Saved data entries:
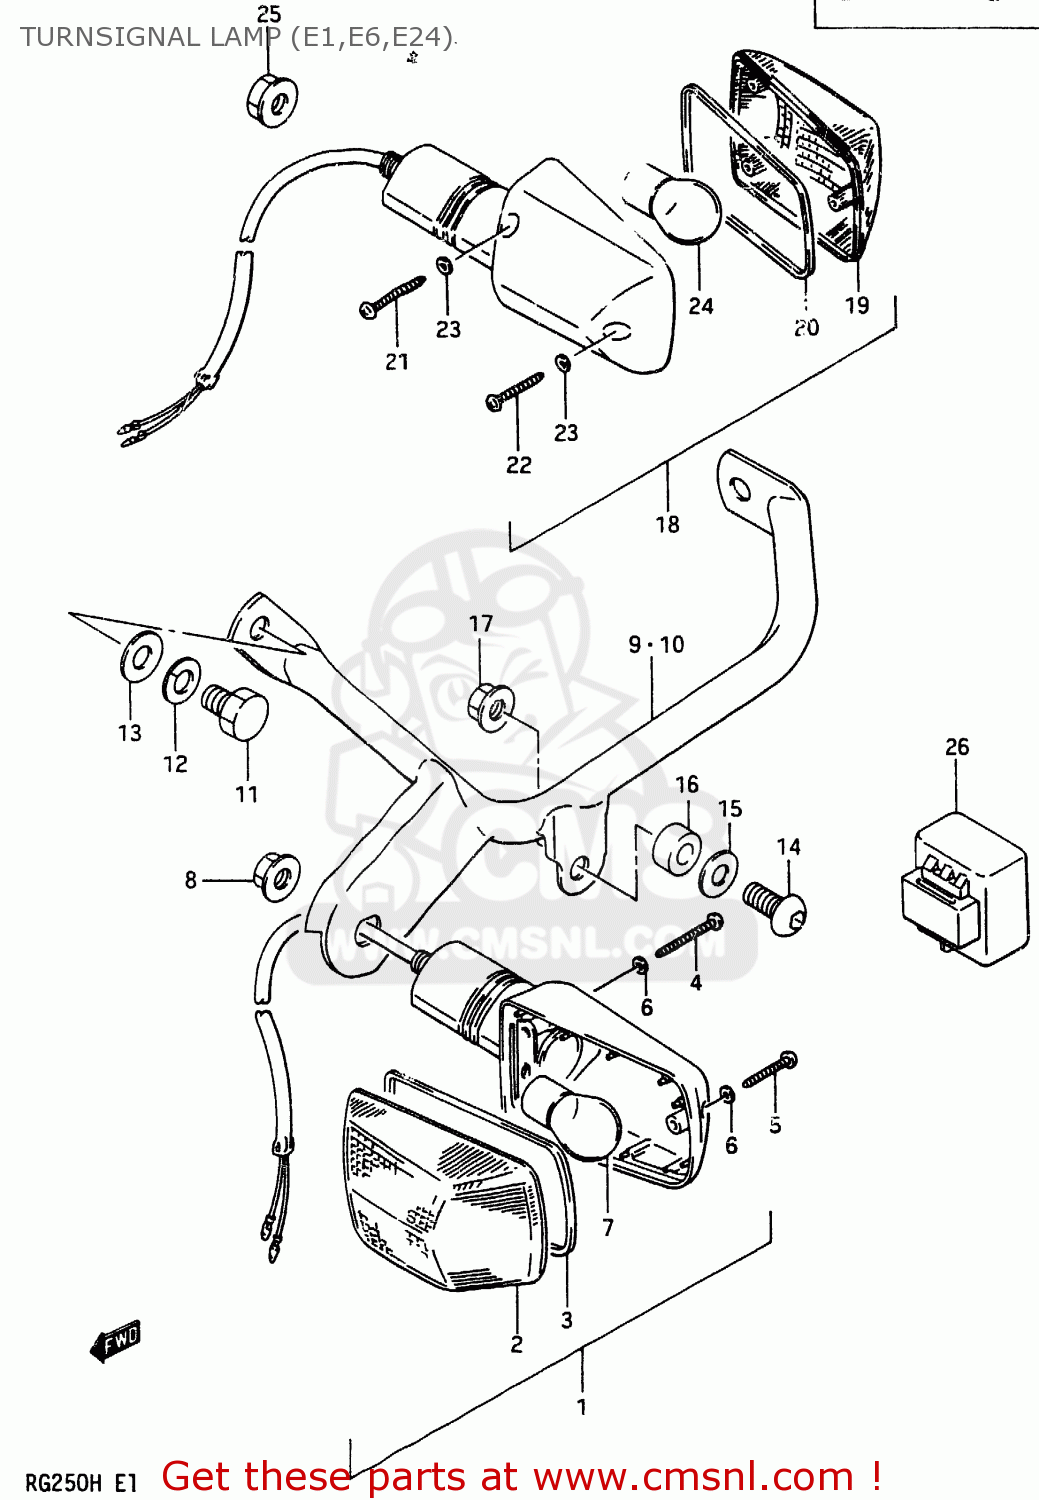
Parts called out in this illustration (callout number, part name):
1	LAMP ASSY,RR TURNSIGNAL
2	LENS
3	GASKET (NAS)
4	SCREW(3X30)
5	SCREW
6	GASKET (NAS)
7	BULB(12V23W,STANLEY,A4577A)
8	NUT
9	BRACKET, FRONT TURNSIGNAL RH
10	BRACKET,FR TURNSIGNAL,L
11	BOLT
12	WASHER,LOCK,8.
13	WASHER
14	SCREW(6X30)
15	WASHER(6.5X16X1.2)
16	SPACER(6.1X8X14.5)
17	NUT
18	LAMP ASSY,RR TURNSIGNAL
19	LENS
20	GASKET (NAS)
21	SCREW(3X30)
22	SCREW
23	GASKET (NAS)
24	BULB(12V23W,STANLEY,A4577A)
25	NUT
26	RELAY ASSEMBLY,TURN SIGNAL
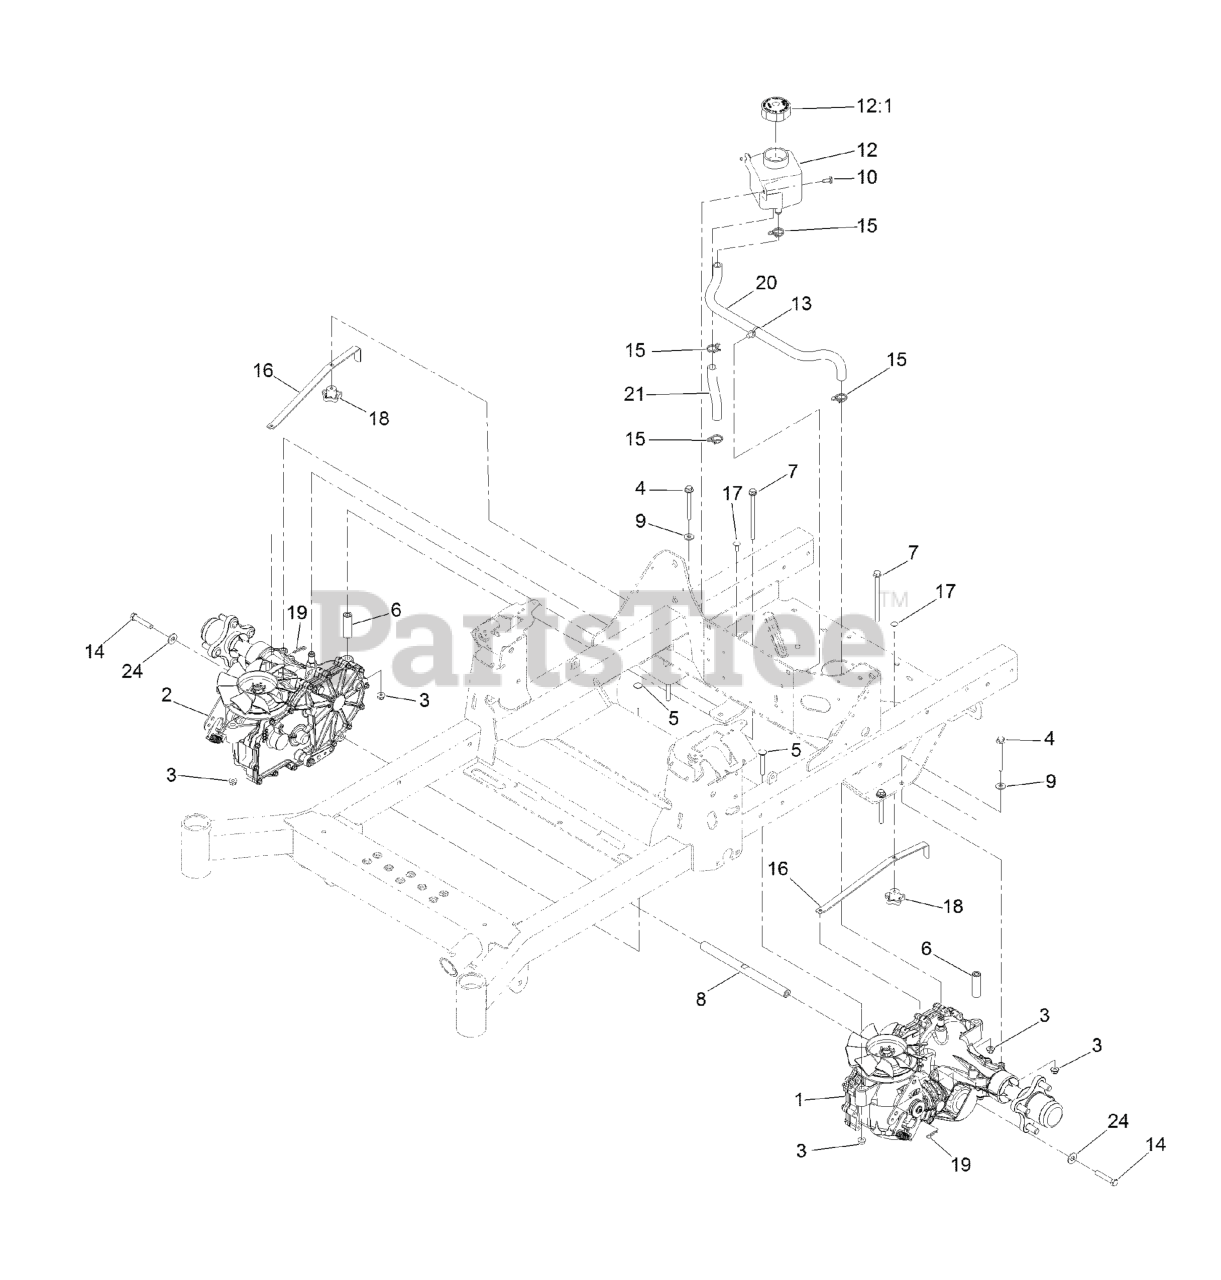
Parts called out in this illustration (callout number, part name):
1	LH TRANSAXLE ASM
2	RH TRANSAXLE ASM
3	NUT-HF, NI
4	SCREW-HHF
5	BOLT-CARR
6	SPACER-HYDRO
7	SCREW HHF
8	SHAFT-SPACER
9	WASHER-SPRING
10	SCREW-TORX
12	TANK-HYD
12:1	CAP-RESERVOIR, HYD
13	CLIP-TIE
14	SCREW-HH W/LOCTITE
15	CLAMP-HOSE
16	ARM-BYPASS, HYDRO
17	BOLT-CARR
18	KNOB-HANDLE
19	PIN-COTTER
20	HOSE-HYDRAULIC
21	HOSE-HYDRAULIC
24	WASHER-FLAT

What you are asked to do:
Retype the records exactly. Any image in them should not appear in what you write.

Solved exercise:
Parts called out in this illustration (callout number, part name):
1	LAMP ASSY,RR TURNSIGNAL
2	LENS
3	GASKET (NAS)
4	SCREW(3X30)
5	SCREW
6	GASKET (NAS)
7	BULB(12V23W,STANLEY,A4577A)
8	NUT
9	BRACKET, FRONT TURNSIGNAL RH
10	BRACKET,FR TURNSIGNAL,L
11	BOLT
12	WASHER,LOCK,8.
13	WASHER
14	SCREW(6X30)
15	WASHER(6.5X16X1.2)
16	SPACER(6.1X8X14.5)
17	NUT
18	LAMP ASSY,RR TURNSIGNAL
19	LENS
20	GASKET (NAS)
21	SCREW(3X30)
22	SCREW
23	GASKET (NAS)
24	BULB(12V23W,STANLEY,A4577A)
25	NUT
26	RELAY ASSEMBLY,TURN SIGNAL
Parts called out in this illustration (callout number, part name):
1	LH TRANSAXLE ASM
2	RH TRANSAXLE ASM
3	NUT-HF, NI
4	SCREW-HHF
5	BOLT-CARR
6	SPACER-HYDRO
7	SCREW HHF
8	SHAFT-SPACER
9	WASHER-SPRING
10	SCREW-TORX
12	TANK-HYD
12:1	CAP-RESERVOIR, HYD
13	CLIP-TIE
14	SCREW-HH W/LOCTITE
15	CLAMP-HOSE
16	ARM-BYPASS, HYDRO
17	BOLT-CARR
18	KNOB-HANDLE
19	PIN-COTTER
20	HOSE-HYDRAULIC
21	HOSE-HYDRAULIC
24	WASHER-FLAT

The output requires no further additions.